1. python built-in methods (read, readline, readlines)
read (): Reads the entire file content once. The read (size) method is recommended, and the larger the size, the longer the runtime readline (): Read 1 line at a time. Use when there is not enough memory, 1 is not used very much readlines (): Read the whole file once and return to list in line, which is convenient for us to traverse
2. Built-in Module (csv)
python has built-in csv module for reading and writing csv files. csv is a comma separator file, which is one of the most common data storage formats in data science.
csv module can easily complete the reading and writing operations of various volume data. Of course, large data volume needs optimization at the code level.
csv module reads files
# Read csv Documents
import csv
with open('test.csv','r') as myFile:
lines=csv.reader(myFile)
for line in lines:
print (line)
csv module writes to file
import csv
with open('test.csv','w+') as myFile:
myWriter=csv.writer(myFile)
# writerrow1 Row 1 Row writing
myWriter.writerow([7,8,9])
myWriter.writerow([8,'h','f'])
# writerow Multiline write
myList=[[1,2,3],[4,5,6]]
myWriter.writerows(myList)
3. Use the numpy library (loadtxt, load, fromfile)
loadtxt method
loadtxt is used to read text files (including txt, csv, etc.) and compressed files in. gz or. bz2 format, provided that the file data must have the same number of values every 1 line.
import numpy as np
# loadtxt() In dtype Parameter is set by default to float
# Here set to str String for easy display
np.loadtxt('test.csv',dtype=str)
# out : array(['1,2,3', '4,5,6', '7,8,9'], dtype='<U5')
load method
load is used to read. npy,. npz, or pickled persistence files dedicated to numpy.
import numpy as np
# Mr. Cheng npy Documents
np.save('test.npy', np.array([[1, 2, 3], [4, 5, 6]]))
# Use load Loading npy Documents
np.load('test.npy')
'''
out:array([[1, 2, 3],
[4, 5, 6]])
'''
fromfile method
The fromfile method can read simple text data or binary data, and the data comes from binary data saved by tofile method. When reading data, the user needs to specify the element type and modify the shape of the array appropriately.
import numpy as np
x = np.arange(9).reshape(3,3)
x.tofile('test.bin')
np.fromfile('test.bin',dtype=np.int)
# out:array([0, 1, 2, 3, 4, 5, 6, 7, 8])
4. Use the pandas library (read_csv, read_excel, etc.)
pandas is one of the most commonly used analysis libraries for data processing. It can read data files in various formats and output dataframe format.
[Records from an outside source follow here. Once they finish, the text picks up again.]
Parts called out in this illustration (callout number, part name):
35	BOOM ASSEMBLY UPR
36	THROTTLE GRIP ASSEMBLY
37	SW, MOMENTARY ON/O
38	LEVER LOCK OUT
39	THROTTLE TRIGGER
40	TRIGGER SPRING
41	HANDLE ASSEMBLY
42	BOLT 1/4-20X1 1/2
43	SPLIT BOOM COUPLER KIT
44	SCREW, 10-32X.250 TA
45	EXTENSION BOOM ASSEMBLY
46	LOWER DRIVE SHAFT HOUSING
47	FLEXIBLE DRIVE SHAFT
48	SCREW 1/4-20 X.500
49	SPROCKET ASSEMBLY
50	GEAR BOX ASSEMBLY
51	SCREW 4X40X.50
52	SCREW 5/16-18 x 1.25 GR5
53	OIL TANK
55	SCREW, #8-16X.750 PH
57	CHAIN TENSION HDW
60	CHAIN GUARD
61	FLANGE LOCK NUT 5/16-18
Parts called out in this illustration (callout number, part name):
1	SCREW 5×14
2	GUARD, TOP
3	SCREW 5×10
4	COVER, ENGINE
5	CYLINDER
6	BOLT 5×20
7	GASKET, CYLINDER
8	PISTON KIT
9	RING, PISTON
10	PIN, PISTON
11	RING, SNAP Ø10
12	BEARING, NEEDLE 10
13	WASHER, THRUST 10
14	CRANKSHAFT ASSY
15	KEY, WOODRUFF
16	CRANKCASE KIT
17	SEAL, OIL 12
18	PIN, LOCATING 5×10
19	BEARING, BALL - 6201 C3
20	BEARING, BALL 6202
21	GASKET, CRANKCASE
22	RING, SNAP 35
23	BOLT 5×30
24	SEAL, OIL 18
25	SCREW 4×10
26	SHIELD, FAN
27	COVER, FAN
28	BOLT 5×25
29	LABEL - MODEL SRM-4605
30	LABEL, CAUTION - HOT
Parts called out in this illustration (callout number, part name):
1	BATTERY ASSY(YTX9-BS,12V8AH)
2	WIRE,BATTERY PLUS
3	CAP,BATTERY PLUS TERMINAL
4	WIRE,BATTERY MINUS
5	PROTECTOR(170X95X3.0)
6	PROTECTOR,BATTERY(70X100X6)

Such as: txt, csv, excel, json, clipboard, database, html, hdf, parquet, pickled file, sas, stata, etc
read_csv method
The read_csv method is used to read the csv format file and output the dataframe format.
import pandas as pd
pd.read_csv('test.csv')
read_excel method
Read excel files, including xlsx, xls, xlsm formats
import pandas as pd
pd.read_excel('test.xlsx')
read_table method
Read any text file by controlling sep parameters (separators)
read_json method
Read json format file
df = pd.DataFrame([['a', 'b'], ['c', 'd']],index=['row 1', 'row 2'],columns=['col 1', 'col 2'])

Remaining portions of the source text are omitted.